Unit conversion from 3d to 2d
Hi I have this experimental tank (38 x 9 x 9 cm) that has a circular inlet of 1.2 cm diameter. In my experiments, i have the flow coming in at the rate of 60 mL/minute. Now the problem is  when i have to simulate this in CFD, i need the velocity of flow coming in. So, from the equation Q = V.A, i can get the inlet velocity, but I am simulating this in 2d (38 x 9 cm), where the inlet is represented by a line 1.2 cm in length. What will be the inlet velocity for this case? Will it be the same as i get from the above equation for 3d simulation?

Re: Unit conversion from 3d to 2d
You are assuming that the flow is 2D, there is no variation in the flow properties in the third direction. The velocity must be still taken to be Q/A.

Re: Unit conversion from 3d to 2d
I agree with Praveen. However now Q will be V.L.1 where L is characteristic length (may be diameter). amol

Re: Unit conversion from 3d to 2d
Praveen and Amol Thanks for your responses. But what Praveen said is that we can use the Area from the 3d calculation which will be pi*d*d/4 and Amol says it will be d*1. So, i am a bit confused again.

Re: Unit conversion from 3d to 2d
For simulations : A = d*1 For experiments : A = d*d/4 I am asssuming that in experiments the hole is in xy plane and water is flowing in the z direction and in CFD you are neglecting either x or y.

Re: Unit conversion from 3d to 2d
That depends on what you are interested in. Going from 3D to 2D is a big simplification in your case. If you would like to investigate the local effects of a jet impinging on a free surface you might want to keep the actual velocity. Another option would be to match the filling time, in which case you get a smaller velocity.

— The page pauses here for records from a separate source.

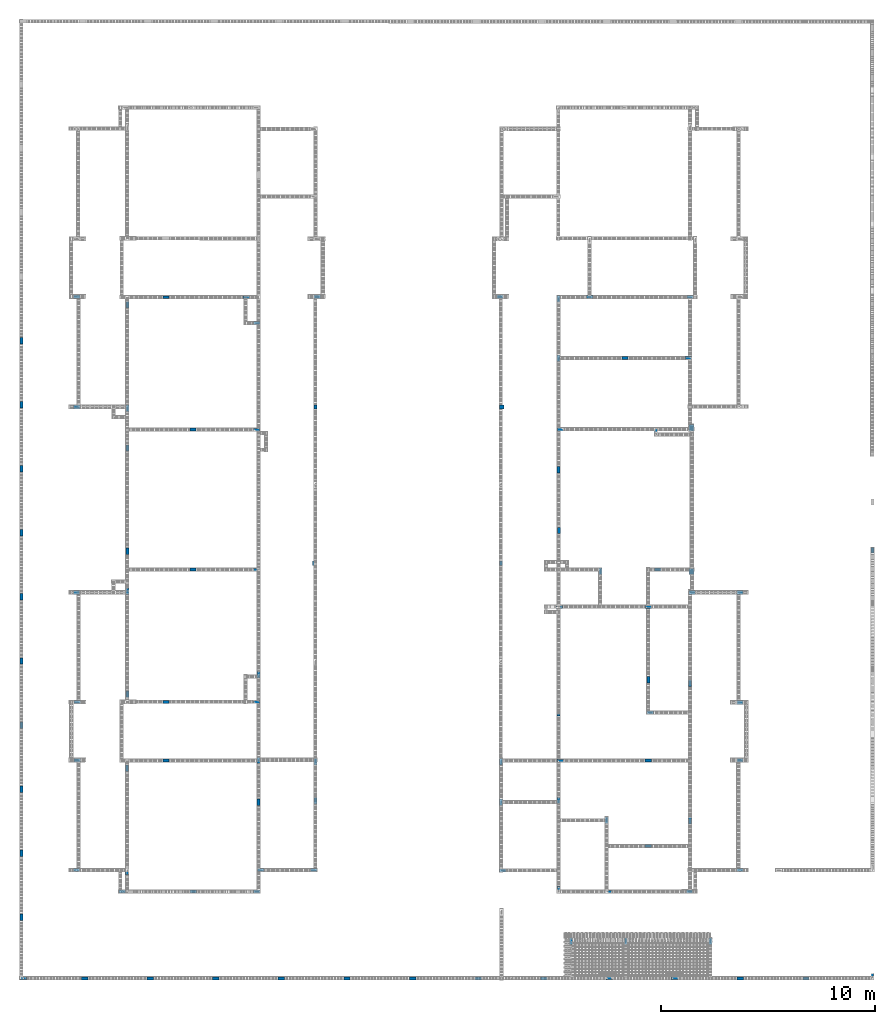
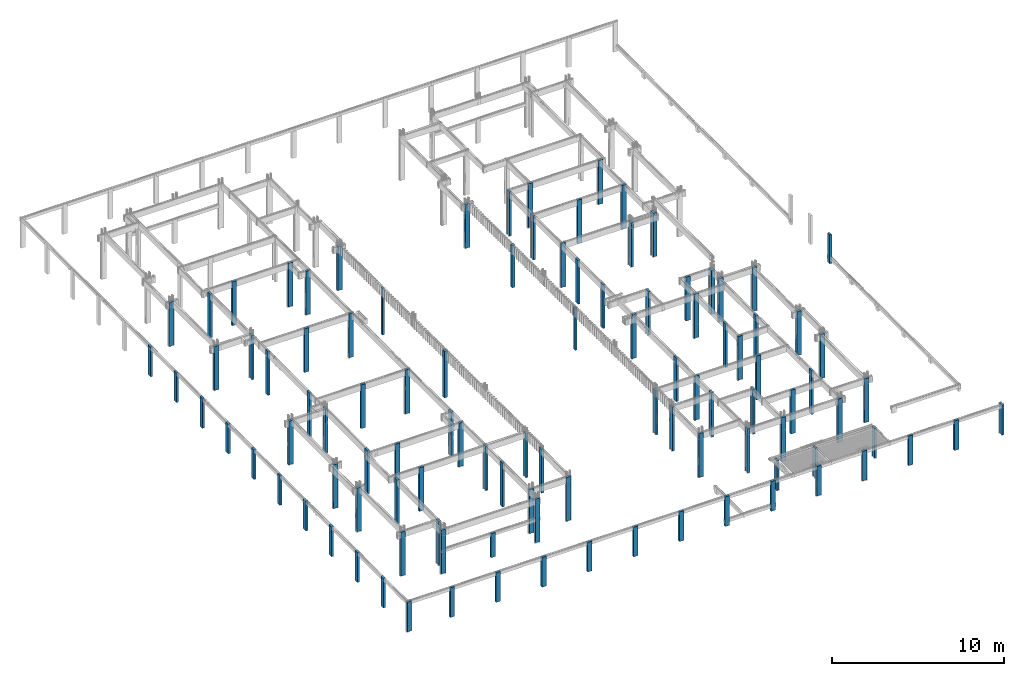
# One storey, part 1 of 236: 105 columns.
"""IFC4 building model written with IfcOpenShell, lengths in centimetres."""

from ifc_helpers import new_model, si_unit, derived_unit, frame, origin_with_axes, origin_2d_with_axis, place, context, project, spatial, rectangle, extrude, material, element, save


model = new_model("IFC4")

# Units and contexts
model_context = context("Model", 3, precision=1e-05, world=origin_with_axes(), identifier="Body")
ifc_project = project(units=[si_unit("LENGTHUNIT", "METRE", prefix="CENTI"), si_unit("VOLUMEUNIT", "CUBIC_METRE"), si_unit("AREAUNIT", "SQUARE_METRE"), si_unit("POWERUNIT", "WATT"), si_unit("LUMINOUSFLUXUNIT", "LUMEN"), si_unit("ELECTRICCURRENTUNIT", "AMPERE"), si_unit("PRESSUREUNIT", "PASCAL", prefix="KILO"), si_unit("MASSUNIT", "GRAM", prefix="KILO"), si_unit("PLANEANGLEUNIT", "RADIAN"), derived_unit("VOLUMETRICFLOWRATEUNIT", [(si_unit("LENGTHUNIT", "METRE"), 3), (si_unit("TIMEUNIT", "SECOND"), -1)])], contexts=[model_context])

# Site, building, storey
site_placement = place(None, frame((-4000.0, 0.0, 0.0), z_axis=(0.0, 0.0, 1.0), x_axis=(1.0, 0.0, 0.0)))
site = spatial("IfcSite", under=ifc_project, at=site_placement, Name="PADRÃO")
building_placement = place(site_placement, frame((0.0, 0.0, -14.0)))
building = spatial("IfcBuilding", under=site, at=building_placement, Name="CRECHE PRÉ-ESCOLA TIPO 2")
placement_1 = place(building_placement, origin_with_axes())
placement_2 = place(placement_1, frame((0.0, 0.0, 30.0), z_axis=(0.0, 0.0, 1.0), x_axis=(1.0, 0.0, 0.0)))
storey_placement = place(placement_2, frame((0.0, 0.0, 310.0), z_axis=(0.0, 0.0, 1.0), x_axis=(1.0, 0.0, 0.0)))
storey = spatial("IfcBuildingStorey", under=building, at=storey_placement, Name="TERREO", CompositionType="ELEMENT", Elevation=326.0)

# Columns
ifc_material = material(Name="Concreto")
column_1_placement = place(storey_placement, frame((8.5, 1494.5, -100.0), z_axis=(0.0, 0.0, 1.0), x_axis=(1.0, 0.0, 0.0)))
element("IfcColumn", 1, at=column_1_placement, inside=storey, material=ifc_material, Name="P101", context=model_context, shape_type="SolidModel", body=[
    extrude(rectangle(XDim=14.0, YDim=30.0, at=origin_2d_with_axis()), origin_with_axes(), (0.0, 0.0, -1.0), 210.0),
])
for number, where, z_axis, x_axis, name in (
    (2, (1118.72, 1430.5, 0.0), (0.0, 0.0, 1.0), (1.0, 0.0, 0.0), "P102"),
    (3, (2943.24, 1406.51, 0.0), (0.0, 0.0, 1.0), (1.0, 0.0, 0.0), "P104"),
):
    element("IfcColumn", number, at=place(storey_placement, frame(where, z_axis=z_axis, x_axis=x_axis)), inside=storey, material=ifc_material, Name=name, context=model_context, shape_type="SolidModel", body=[
        extrude(rectangle(XDim=14.0, YDim=30.0, at=origin_2d_with_axis()), origin_with_axes(), (0.0, 0.0, -1.0), 310.0),
    ])
column_2_placement = place(storey_placement, frame((3138.5, 1389.52, 0.0), z_axis=(0.0, 0.0, 1.0), x_axis=(1.0, 0.0, 0.0)))
element("IfcColumn", 4, at=column_2_placement, inside=storey, material=ifc_material, Name="P105", context=model_context, shape_type="SolidModel", body=[
    extrude(rectangle(XDim=14.0, YDim=30.0, at=origin_2d_with_axis()), frame((0.0, 0.0, 0.0), z_axis=(0.0, 0.0, 1.0), x_axis=(-1.0, 0.0, 0.0)), (0.0, 0.0, -1.0), 310.0),
])
column_3_placement = place(storey_placement, frame((269.5, 1301.5, 0.0), z_axis=(0.0, 0.0, 1.0), x_axis=(1.0, 0.0, 0.0)))
element("IfcColumn", 5, at=column_3_placement, inside=storey, material=ifc_material, Name="P106", context=model_context, shape_type="SolidModel", body=[
    extrude(rectangle(XDim=14.0, YDim=30.0, at=origin_2d_with_axis()), frame((0.0, 0.0, 0.0), z_axis=(0.0, 0.0, 1.0), x_axis=(0.0, -1.0, 0.0)), (0.0, 0.0, -1.0), 310.0),
])
column_4_placement = place(storey_placement, frame((503.69, 1338.51, 0.0), z_axis=(0.0, 0.0, 1.0), x_axis=(1.0, 0.0, 0.0)))
element("IfcColumn", 6, at=column_4_placement, inside=storey, material=ifc_material, Name="P107", context=model_context, shape_type="SolidModel", body=[
    extrude(rectangle(XDim=14.0, YDim=30.0, at=origin_2d_with_axis()), origin_with_axes(), (0.0, 0.0, -1.0), 310.0),
])
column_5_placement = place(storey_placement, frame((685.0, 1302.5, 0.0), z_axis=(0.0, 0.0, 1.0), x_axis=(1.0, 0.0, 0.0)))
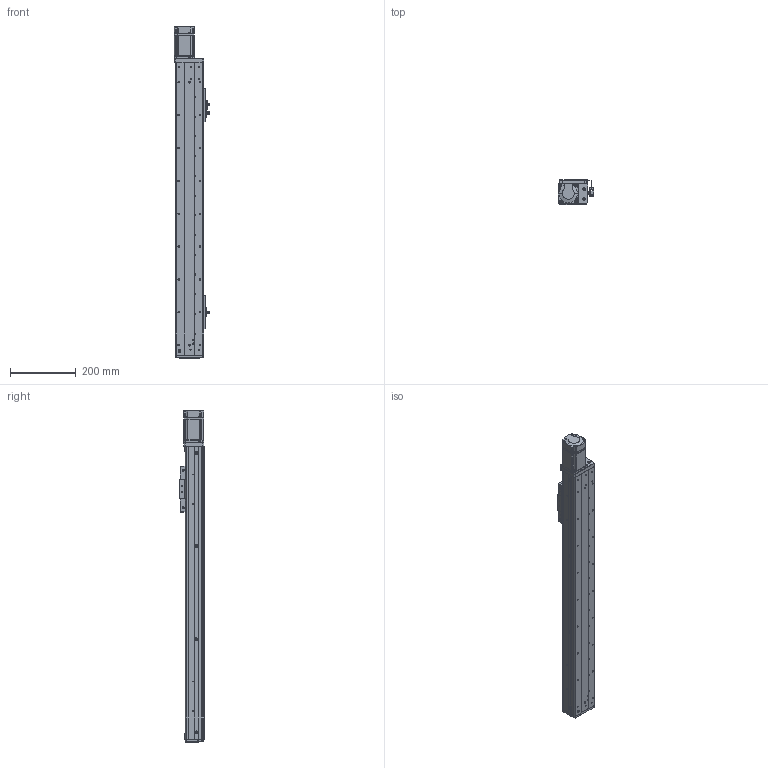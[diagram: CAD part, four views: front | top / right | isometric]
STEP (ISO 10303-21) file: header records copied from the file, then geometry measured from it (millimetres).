
FILE_DESCRIPTION (( 'STEP AP203' ), '1' );
FILE_NAME ('RY80F-L1610-300-MK.SLDASM_650.step', '2021-03-02T03:19:01', ( '盈信电脑' ), ( '东莞市道滘镇水果街19号' ), 'SwSTEP 2.0', 'SolidWorks 2012', '' );
FILE_SCHEMA (( 'CONFIG_CONTROL_DESIGN' ));
Length unit declared in the file: millimetre
Products named in the file (16): RY80俋离覜茼え; RY80F-L1610-300-MK.SLDASM_650; 覜茼ん672; 侂狟200W萇儂; 滅袉蝶18-24; 蚥薯蝶紫輸; 1; RY80F-詩湍揤踡輸; 672嫖萇羲壽假蚾釱; RY80F-綴裔啣(臏璃ㄘ; RY80F-丝杆铝滑块(16丝杆）; RY80F-300-祥凄詩湍-MK_650; RY80F-佪裝眻蟀ヶ裔啣(200W PCD70 M4); RY80F-滅鳥裔啣; RY80F-300丝杆直连型材盖板_650; RY80F-丝杆直连型材底座_650
Assembly tree (21 placements, depth 3):
  RY80F-L1610-300-MK.SLDASM_650
    RY80F-丝杆直连型材底座_650
    RY80F-300丝杆直连型材盖板_650  x2
    RY80F-丝杆铝滑块(16丝杆）
    RY80F-滅鳥裔啣
    RY80F-300-祥凄詩湍-MK_650
    RY80F-佪裝眻蟀ヶ裔啣(200W PCD70 M4)
    RY80F-詩湍揤踡輸  x2
    RY80F-綴裔啣(臏璃ㄘ
    672嫖萇羲壽假蚾釱  x2
    蚥薯蝶紫輸
    滅袉蝶18-24  x2
    侂狟200W萇儂
      1
    RY80俋离覜茼え
    覜茼ん672  x3
Bounding box: 107.2 x 75 x 1010 mm (x, y, z)
Volume: 1940646.8 mm3; surface area: 761351.2 mm2
Topology: 20 solids, 20 shells, 1725 faces, 4776 edges, 3116 vertices
Faces by surface type: plane 807, cylinder 791, cone 109, bspline 18
Entity records: 50008 total; most frequent: CARTESIAN_POINT 10913, ORIENTED_EDGE 7824, DIRECTION 7740, EDGE_CURVE 3912, AXIS2_PLACEMENT_3D 2719, VERTEX_POINT 2568, LINE 2302, VECTOR 2302

Re: Unit conversion from 3d to 2d
Hi, Raj As I read your message first time I noticed that turning to 2D you are losing 3D influences at the coners of the tank. Besides, and it's more important, the crossection of the plume is much smaller than the tank has. 2D planar plume interacts with smaller volume as it does in the reality. I would have calculated the problem with cylindical geometry (not x,z but r,z), substituting outer diameter from 9 to sqrt(9*9/Pi/4). This way you conserve the ratio of volumes and crosssections for coming fluid and fluid inside the tank.